"Green Shift" is mainstream policy
There's lots of FUD being spread about the Liberals' proposed carbon tax. Similar taxes have been used in other countries for years now, and they work
If the Conservatives had come up with the Green Shift policy, I would be voting Conservative. If the NDP had come up with it, I'd be voting NDP. In fact, in Canada it's the Green Party that first developed the idea of a revenue-neutral transition from taxing income to taxing waste. Who came up with it doesn't matter. What matters is that it happen, and soon.
The fact is that tax plans like this are not new. Germany has been employing a similar tax for ten years now, and Germany's record with green tech is stellar: 250,000 jobs directly relating to sustainable technologies is nothing to sneeze at. Other countries that are either enacting such measures now or are intensively studying them include the UK, Portugal, and the Netherlands.

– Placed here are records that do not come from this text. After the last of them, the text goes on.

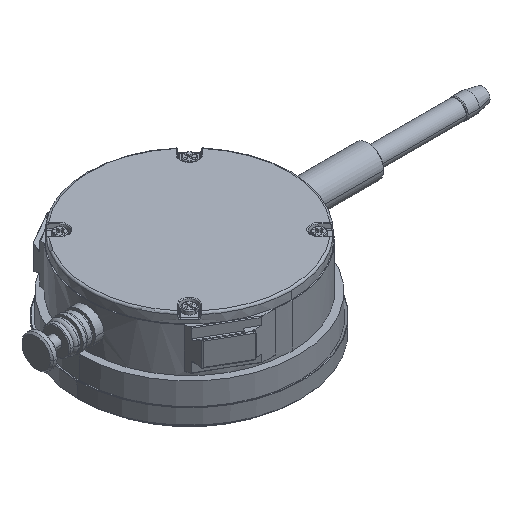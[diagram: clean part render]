
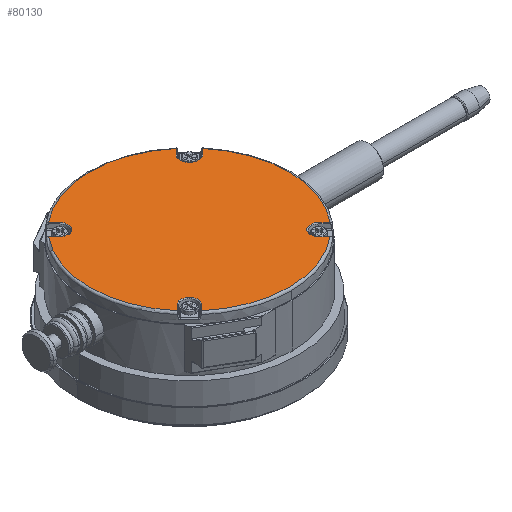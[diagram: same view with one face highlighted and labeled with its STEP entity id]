
A CAD part, isometric view. The second image highlights one B-rep face of the part: STEP entity #80130.
In plain terms, the highlighted planar face has unit normal (0, 0, 1).
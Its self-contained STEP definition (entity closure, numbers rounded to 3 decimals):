
#51090=CARTESIAN_POINT('',(-19.359,16.288,2.1));
#51100=VERTEX_POINT('',#51090);
#52960=CARTESIAN_POINT('',(14.728,-18.082,2.1));
#52970=VERTEX_POINT('',#52960);
#53160=CARTESIAN_POINT('',(16.134,-19.488,2.1));
#53170=VERTEX_POINT('',#53160);
#53200=CARTESIAN_POINT('',(0.,-3.354,2.1));
#53210=DIRECTION('',(-0.707,0.707,0.));
#53220=VECTOR('',#53210,1.);
#53230=LINE('',#53200,#53220);
#53240=EDGE_CURVE('',#53170,#52970,#53230,.T.);
#54450=CARTESIAN_POINT('',(-16.288,19.359,2.1));
#54460=VERTEX_POINT('',#54450);
#63030=CARTESIAN_POINT('',(14.869,17.94,2.1));
#63040=VERTEX_POINT('',#63030);
#63130=CARTESIAN_POINT('',(17.94,14.869,2.1));
#63140=VERTEX_POINT('',#63130);
#63170=CARTESIAN_POINT('',(16.405,16.405,2.1));
#63180=DIRECTION('',(0.,0.,1.));
#63190=DIRECTION('',(-1.,0.,0.));
#63200=AXIS2_PLACEMENT_3D('',#63170,#63180,#63190);
#63210=CIRCLE('',#63200,2.172);
#63220=EDGE_CURVE('',#63040,#63140,#63210,.T.);
#73840=CARTESIAN_POINT('',(-19.359,-16.288,2.1));
#73850=VERTEX_POINT('',#73840);
#74190=CARTESIAN_POINT('',(0.,3.071,2.1));
#74200=DIRECTION('',(0.707,0.707,0.));
#74210=VECTOR('',#74200,1.);
#74220=LINE('',#74190,#74210);
#74230=CARTESIAN_POINT('',(-17.94,-14.869,2.1));
#74240=VERTEX_POINT('',#74230);
#74250=EDGE_CURVE('',#73850,#74240,#74220,.T.);
#75430=CARTESIAN_POINT('',(19.359,16.288,2.1));
#75440=VERTEX_POINT('',#75430);
#75910=CARTESIAN_POINT('',(0.,3.071,2.1));
#75920=DIRECTION('',(0.707,0.707,0.));
#75930=VECTOR('',#75920,1.);
#75940=LINE('',#75910,#75930);
#75950=CARTESIAN_POINT('',(16.288,19.359,2.1));
#75960=VERTEX_POINT('',#75950);
#75970=EDGE_CURVE('',#63040,#75960,#75940,.T.);
#76260=CARTESIAN_POINT('',(-16.288,-19.359,2.1));
#76270=VERTEX_POINT('',#76260);
#76300=CARTESIAN_POINT('',(0.,0.,2.1));
#76310=DIRECTION('',(0.,0.,-1.));
#76320=DIRECTION('',(-1.,0.,0.));
#76330=AXIS2_PLACEMENT_3D('',#76300,#76310,#76320);
#76340=CIRCLE('',#76330,25.3);
#76350=EDGE_CURVE('',#53170,#76270,#76340,.T.);
#79190=CARTESIAN_POINT('',(0.,0.,2.1));
#79200=DIRECTION('',(0.,0.,-1.));
#79210=DIRECTION('',(1.,0.,0.));
#79220=AXIS2_PLACEMENT_3D('',#79190,#79200,#79210);
#79230=PLANE('',#79220);
#79240=ORIENTED_EDGE('',*,*,#76350,.F.);
#79250=CARTESIAN_POINT('',(0.,-3.071,2.1));
#79260=DIRECTION('',(-0.707,-0.707,0.));
#79270=VECTOR('',#79260,1.);
#79280=LINE('',#79250,#79270);
#79290=CARTESIAN_POINT('',(-14.869,-17.94,2.1));
#79300=VERTEX_POINT('',#79290);
#79310=EDGE_CURVE('',#79300,#76270,#79280,.T.);
#79320=ORIENTED_EDGE('',*,*,#79310,.T.);
#79330=CARTESIAN_POINT('',(-16.405,-16.405,2.1));
#79340=DIRECTION('',(0.,0.,1.));
#79350=DIRECTION('',(-1.,0.,0.));
#79360=AXIS2_PLACEMENT_3D('',#79330,#79340,#79350);
#79370=CIRCLE('',#79360,2.172);
#79380=EDGE_CURVE('',#79300,#74240,#79370,.T.);
#79390=ORIENTED_EDGE('',*,*,#79380,.F.);
#79400=ORIENTED_EDGE('',*,*,#74250,.T.);
#79410=CARTESIAN_POINT('',(0.,0.,2.1));
#79420=DIRECTION('',(0.,0.,-1.));
#79430=DIRECTION('',(-1.,0.,0.));
#79440=AXIS2_PLACEMENT_3D('',#79410,#79420,#79430);
#79450=CIRCLE('',#79440,25.3);
#79460=EDGE_CURVE('',#73850,#51100,#79450,.T.);
#79470=ORIENTED_EDGE('',*,*,#79460,.F.);
#79480=CARTESIAN_POINT('',(0.,-3.071,2.1));
#79490=DIRECTION('',(-0.707,0.707,0.));
#79500=VECTOR('',#79490,1.);
#79510=LINE('',#79480,#79500);
#79520=CARTESIAN_POINT('',(-17.94,14.869,2.1));
#79530=VERTEX_POINT('',#79520);
#79540=EDGE_CURVE('',#79530,#51100,#79510,.T.);
#79550=ORIENTED_EDGE('',*,*,#79540,.T.);
#79560=CARTESIAN_POINT('',(-16.405,16.405,2.1));
#79570=DIRECTION('',(0.,0.,1.));
#79580=DIRECTION('',(-1.,0.,0.));
#79590=AXIS2_PLACEMENT_3D('',#79560,#79570,#79580);
#79600=CIRCLE('',#79590,2.172);
#79610=CARTESIAN_POINT('',(-14.869,17.94,2.1));
#79620=VERTEX_POINT('',#79610);
#79630=EDGE_CURVE('',#79530,#79620,#79600,.T.);
#79640=ORIENTED_EDGE('',*,*,#79630,.F.);
#79650=CARTESIAN_POINT('',(0.,3.071,2.1));
#79660=DIRECTION('',(0.707,-0.707,0.));
#79670=VECTOR('',#79660,1.);
#79680=LINE('',#79650,#79670);
#79690=EDGE_CURVE('',#54460,#79620,#79680,.T.);
#79700=ORIENTED_EDGE('',*,*,#79690,.T.);
#79710=CARTESIAN_POINT('',(0.,0.,2.1));
#79720=DIRECTION('',(0.,0.,-1.));
#79730=DIRECTION('',(-1.,0.,0.));
#79740=AXIS2_PLACEMENT_3D('',#79710,#79720,#79730);
#79750=CIRCLE('',#79740,25.3);
#79760=EDGE_CURVE('',#54460,#75960,#79750,.T.);
#79770=ORIENTED_EDGE('',*,*,#79760,.F.);
#79780=ORIENTED_EDGE('',*,*,#75970,.T.);
#79790=ORIENTED_EDGE('',*,*,#63220,.F.);
#79800=CARTESIAN_POINT('',(0.,-3.071,2.1));
#79810=DIRECTION('',(-0.707,-0.707,0.));
#79820=VECTOR('',#79810,1.);
#79830=LINE('',#79800,#79820);
#79840=EDGE_CURVE('',#75440,#63140,#79830,.T.);
#79850=ORIENTED_EDGE('',*,*,#79840,.T.);
#79860=CARTESIAN_POINT('',(0.,0.,2.1));
#79870=DIRECTION('',(0.,0.,-1.));
#79880=DIRECTION('',(-1.,0.,0.));
#79890=AXIS2_PLACEMENT_3D('',#79860,#79870,#79880);
#79900=CIRCLE('',#79890,25.3);
#79910=CARTESIAN_POINT('',(19.488,-16.134,2.1));
#79920=VERTEX_POINT('',#79910);
#79930=EDGE_CURVE('',#75440,#79920,#79900,.T.);
#79940=ORIENTED_EDGE('',*,*,#79930,.F.);
#79950=CARTESIAN_POINT('',(0.,3.354,2.1));
#79960=DIRECTION('',(0.707,-0.707,0.));
#79970=VECTOR('',#79960,1.);
#79980=LINE('',#79950,#79970);
#79990=CARTESIAN_POINT('',(18.082,-14.728,2.1));
#80000=VERTEX_POINT('',#79990);
#80010=EDGE_CURVE('',#80000,#79920,#79980,.T.);
#80020=ORIENTED_EDGE('',*,*,#80010,.T.);
#80030=CARTESIAN_POINT('',(16.405,-16.405,2.1));
#80040=DIRECTION('',(0.,0.,1.));
#80050=DIRECTION('',(-1.,0.,0.));
#80060=AXIS2_PLACEMENT_3D('',#80030,#80040,#80050);
#80070=CIRCLE('',#80060,2.372);
#80080=EDGE_CURVE('',#80000,#52970,#80070,.T.);
#80090=ORIENTED_EDGE('',*,*,#80080,.F.);
#80100=ORIENTED_EDGE('',*,*,#53240,.T.);
#80110=EDGE_LOOP('',(#80100,#80090,#80020,#79940,#79850,#79790,#79780,
#79770,#79700,#79640,#79550,#79470,#79400,#79390,#79320,#79240));
#80120=FACE_OUTER_BOUND('',#80110,.T.);
#80130=ADVANCED_FACE('',(#80120),#79230,.F.);

The devil's always in the details, but tax shifts like this are fundamentally simpler than other measures the provinces are already planning, such as the cap and trade market for carbon that is a major goal of the Western Climate Initiative (which 70% of Canadians now belong to). Tax shifting is simple: the government stops taxing you for being productive, and starts taxing you for being wasteful. This means more money in our pockets for at least two reasons: first, the carbon tax is immediately offset by income and business tax reductions; secondly, making waste expensive gives companies incentive to become more efficient, and efficiency drives down costs. This is why costs don't get passed on to the consumer, and it is why everything eventually becomes cheaper rather than more expensive.
When demand for fossil fuels increases, their prices go up. When demand for renewables like wind or solar power increases... their prices go down.
You can have more money in your pocket while making a huge difference to the environment. And this tax would not apply to gasoline.
The reason the Conservatives are complaining about the "Green Shift" proposal is that it would have been a perfect policy for them--more money all around with less of a hit on the consumer--but they didn't think of it first.